Background Previous research has established health professionals as secondary victims of medical error, with the identification of a range of emotional and psychological repercussions that may occur as a result of involvement in error.2 ,3 Due to the vast range of emotional and psychological outcomes, research to date has been inconsistent in the variables measured and tools used. Therefore, differing conclusions have been drawn as to the nature of the impact of error on professionals and the subsequent repercussions for their team, patients and healthcare institution. A systematic review was conducted.
Methods Data sources were identified using database searches, with additional reference and hand searching. Eligibility criteria were applied to all studies identified, resulting in a total of 24 included studies. Quality assessment was conducted with the included studies using a tool that was developed as part of this research, but due to the limited number and diverse nature of studies, no exclusions were made on this basis.

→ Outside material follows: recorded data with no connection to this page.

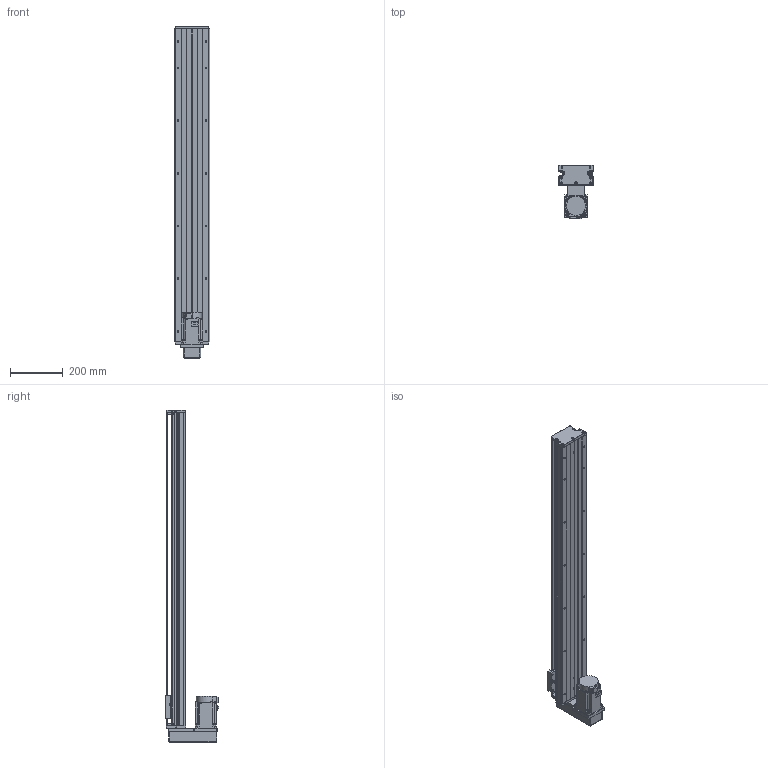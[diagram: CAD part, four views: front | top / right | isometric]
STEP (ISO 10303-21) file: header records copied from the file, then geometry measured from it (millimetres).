
FILE_DESCRIPTION (( 'STEP AP203' ), '1' );
FILE_NAME ('KTH130-1050-BM-M75-C4.step', '2023-06-30T04:36:18', ( '微软用户' ), ( '微软中国' ), 'SwSTEP 2.0', 'SolidWorks 2020', '' );
FILE_SCHEMA (( 'CONFIG_CONTROL_DESIGN' ));
Length unit declared in the file: millimetre
Products named in the file (18): GBT 70.3-M3℅8; CTHA60-017; hg-kn73j_-s100; KTH130-002_KTH130-002; EE_SX911P_R; GTH14-001_1050; CTHA86-015-3_CTHA86-015-4; KTH130-004; CTHA60-016; CTHA86-035; KTH130-005; GBT 70.1-M3℅5; KTH130-1050-BM-M75-C4; GB1155-6X6; GBT77-2000 M3×3; GBT70.1 M5℅16; す晦芛蹟隊 M3℅5; GBT 70.2-M3¡Á5_M3¡Á6
Assembly tree (49 placements, depth 2):
  KTH130-1050-BM-M75-C4
    GTH14-001_1050
    KTH130-002_KTH130-002
    KTH130-004
    KTH130-005
    GB1155-6X6  x2
    GBT70.1 M5℅16  x10
    GBT 70.2-M3¡Á5_M3¡Á6  x4
    CTHA60-017  x3
    EE_SX911P_R  x3
    CTHA60-016  x2
    GBT 70.1-M3℅5  x6
    GBT77-2000 M3×3  x6
    す晦芛蹟隊 M3℅5  x2
    GBT 70.3-M3℅8  x4
    hg-kn73j_-s100
    CTHA86-015-3_CTHA86-015-4
    CTHA86-035
Bounding box: 135 x 202.8 x 1262 mm (x, y, z)
Volume: 7766360 mm3; surface area: 1113887 mm2
Topology: 52 solids, 52 shells, 2212 faces, 5364 edges, 3359 vertices
Faces by surface type: plane 1212, cylinder 646, cone 238, torus 100, sphere 16
Entity records: 40561 total; most frequent: CARTESIAN_POINT 6822, DIRECTION 6697, ORIENTED_EDGE 6232, EDGE_CURVE 3116, AXIS2_PLACEMENT_3D 2352, VECTOR 1993, LINE 1993, VERTEX_POINT 1993
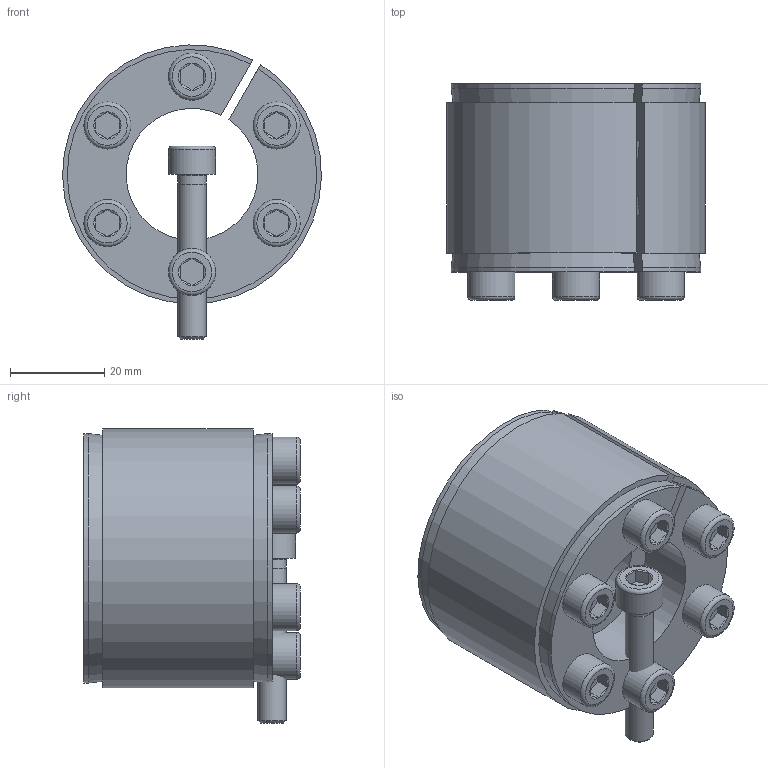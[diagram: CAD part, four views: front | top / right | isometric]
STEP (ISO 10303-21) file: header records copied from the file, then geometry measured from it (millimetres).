
FILE_DESCRIPTION( ( 'Unknown' ), '1' );
FILE_NAME( 'C:/Dokumente und Einstellungen/Sven/Desktop/homepage/cad - homepage/KBS11/KBS 11 - 28 x 55.stp', 'Unknown', ( 'Unknown' ), ( 'Unknown' ), 'XStep 1.0', 'Unknown', ' ' );
FILE_SCHEMA( ( 'automotive_design' ) );
Length unit declared in the file: millimetre
Products named in the file (3): Assem1; KBS 11 - 28 x 55; ISO EN DIN 4762 M6x35
Bounding box: 54.99 x 46 x 62.49 mm (x, y, z)
Volume: 113314.6 mm3; surface area: 53664.4 mm2
Topology: 9 solids, 9 shells, 251 faces, 541 edges, 336 vertices
Faces by surface type: plane 104, cylinder 76, cone 57, torus 14
Full cylindrical faces by diameter (mm): 5 x7, 6 x50, 10 x7
Entity records: 2210 total; most frequent: CARTESIAN_POINT 361, DIRECTION 324, ORIENTED_EDGE 250, AXIS2_PLACEMENT_3D 142, EDGE_LOOP 128, EDGE_CURVE 125, VERTEX_POINT 95, FACE_OUTER_BOUND 87

Results Review findings suggest that there is consistent evidence for the widespread impact of medical error on health professionals. Psychological repercussions may include negative states such as shame, self-doubt, anxiety and guilt. Despite much attention devoted to the assessment of negative outcomes, the potential for positive outcomes resulting from error also became apparent, with increased assertiveness, confidence and improved colleague relationships reported.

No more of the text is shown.